I have had DISH service for a number of years and have the 508 DVR receiver (owned, not leased). Even though I have all LCD HD TVs now, I had held off on moving up to DISH's HD service because of the extra per/month HD DVR fee and as I was waiting to see if uVerse would soon be in my neighborhood for a price comparison (my brother switched from DISH to uVerse and has been happy with the service).

Well, after two years there is still no timetable for when uVerse will come to my neighborhood and with the new Hopper/Joey system, I am considering that as my house is already wired with two RG6 coax connections in each room and a patch panel so I can essentially route a connection from any room to any room. (Seems perfect for the Hopper and Joey.) So, now a few questions:

1) It seems there is the option to buy the Hopper/Joey as opposed to leasing it, true?
2) Checked the DISH site and the channel packages and don't see mention of the monthly DVR fee for the Hopper system, true?
3) As I don't currently have DISH HD service with the 508 DVR and a DISH 500 antenna, I would need a new antenna for the HD service also. So...would my best bet be to just go the upgrade install route...or is there a way to save some money knowing that I originally installed my first DISH system myself back in the day....and that my current house is already pre-wired?

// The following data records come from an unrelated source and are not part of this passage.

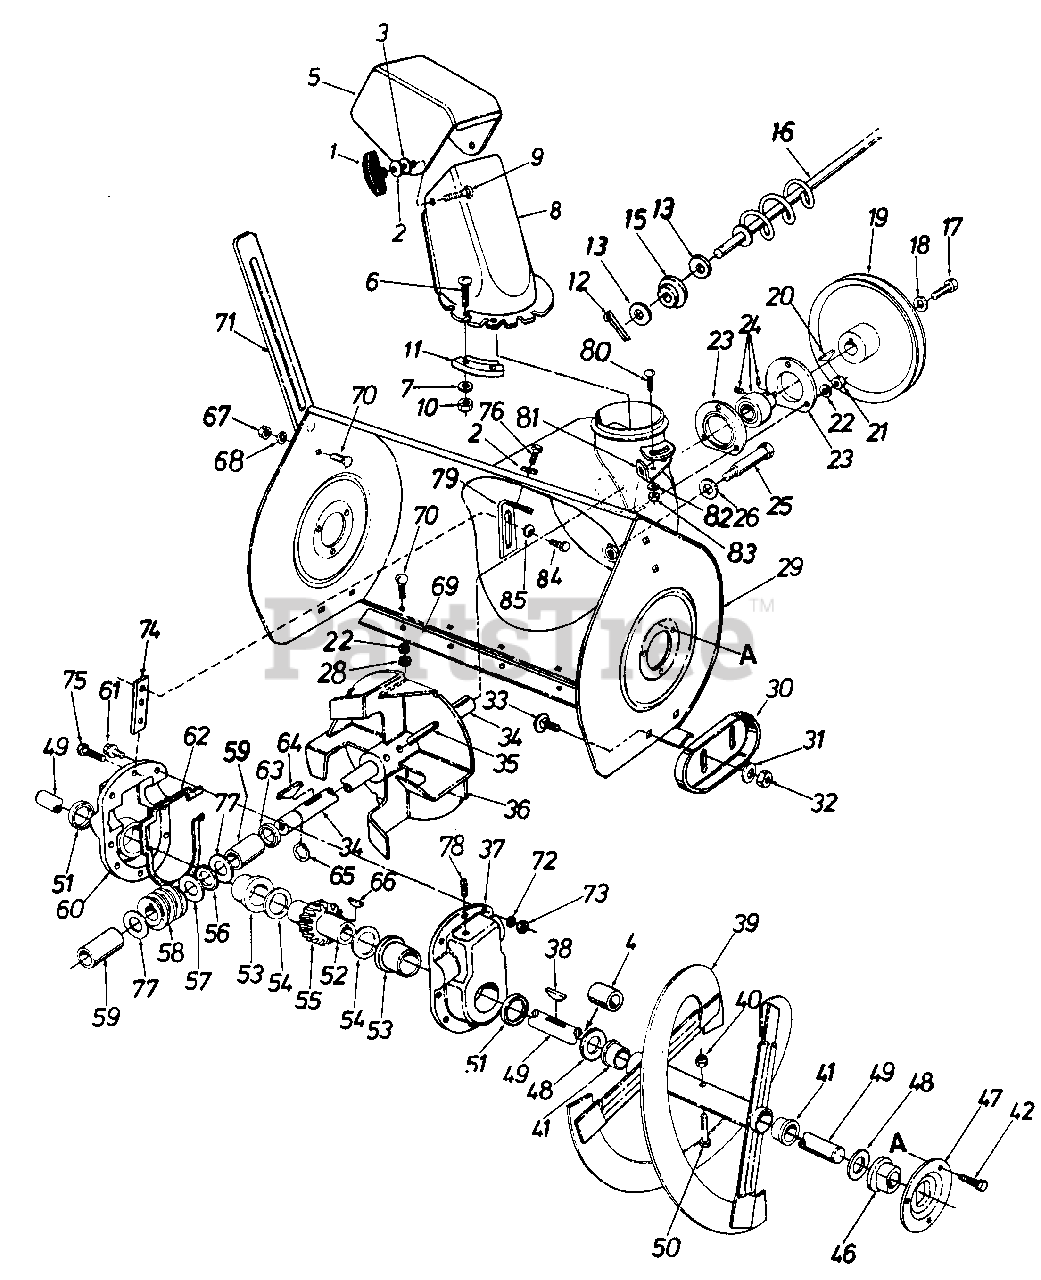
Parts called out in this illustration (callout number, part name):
1	KNOB-HANDLE ASSY
2	WASHER-BELL .337 X .867 X .057
3	WASHER-FL-.312 X 1.125 X .125
5	CHUTE-UPPER
6	SCREW-TRUSS MACH
7	WASHER-FL-.281 ID X .50 OD X .063
8	CHUTE-LOWER
9	BOLT-CARRIAGE 5/16-18 X 1.00
10	NUT-HEX CENTER L-1/4-20
11	KEEPER-CHUTE FLANGE
12	PIN-COTTER-3/32 DIA X .75
13	WASHER-FL-.385 ID X .62 OD X .063
15	BEARING
16	CRANK ASSY-CHUTE
17	SCREW-HEX 5/16-18 X .88 SPECIAL
18	WASHER-BELL .337 X .867 X .057
19	PULLEY-V-1/2 ID X 10.0 OD
20	KEY-HI-PRO #9-3/16X3/4 DIA-HDN
21	BOLT-CARRIAGE 5/16-18 X 1.25
22	WASHER-LOCK-5/16
23	HOUSING-BRG
24	BEARING-SELF ALIGN
25	STUD-3/8-16X2.75
26	WASHER-BELL .400 ID X .88 X .060
28	NUT-HEX 5/16-18
29	HOUSING ASSY-BLOWER
30	SLIDE SHOE
31	WASHER-BELL .400 ID X .88 X .060
32	NUT-HEX JAM 3/8-18
33	BOLT-CARRIAGE 3/8-16 X .62
34	AXLE-BLOWER
35	PIN-SPRING SPIR 5/16 X 1.75
38	KEY-WOODRUFF #91-1/4X3/4 DIA-HDN
42	SCREW-HEX HD TAP
46	BEARING-FLANGE
47	HOUSING-BRG
48	WASHER-FL
49	AXLE-SPRIAL
50	BOLT-HEX 5/16-18X1.75
51	SEAL-OIL
52	SHAFT-WORM GEAR
53	BEARING-FLANGE
54	WASHER-FL-1.50 X 2.25 X .030
55	GEAR-WORM-LH-DBL THD
56	BEARING-THRUST
57	WASHER-FL-881.D.X1.40 O.D.X.155
58	GEAR-WORM-LH-DBL THD
59	SLEEVE
60	HOUSING W/FL BRG-RH-GEAR
61	SCREW-HEX 5/16-18 X 1.00
62	GASKET-RUBBER
63	SEAL-OIL
64	KEY-HI-PRO #9-3/16X3/4 DIA-HDN
65	RING-SNAP FOR .875 SHAFT
66	KEY-WOODRUFF #91-1/4X3/4 DIA-HDN
67	NUT-HEX 5/16-18
68	WASHER-LOCK-5/16
70	BOLT-CARRIAGE 5/16-18 X .62
71	CUTTER-DRIFT
72	WASHER-SHAKE PROOF
73	NUT-HEX INS L-5/16-18
74	PLATE-SUPPORT-GEAR HSG
75	SCREW-HEX 5/16-18 X 1.25
76	SCREW-HEX HD TAP
77	WASHER-FL-881.D.X1.40 O.D.X.155
78	PLUG-VENTED-PLASTIC
80	BOLT-CARRIAGE 5/16-18 X .75
82	WASHER-BELL .337 X .867 X .057
83	NUT-HEX 5/16-18
84	SCREW-HEX 1/4-28 X .75
85	WASHER-SPRING BELL

Thanks for any suggestions and input.


----------



## jdskycaster (Sep 1, 2008)

1) One call to Dish and they will give you the purchase price. They are also for sale on Ebay but I would not personally purchase these and attempt an install given the issues currently being posted. Also, what are your motivations for owning the equipment? 
2) There is a whole house DVR fee of $4/mo which is tied to the first hopper.
3) If you need a new dish I would expect what you save on installation as part of an upgrade to the new system would be well worth the money actually spent.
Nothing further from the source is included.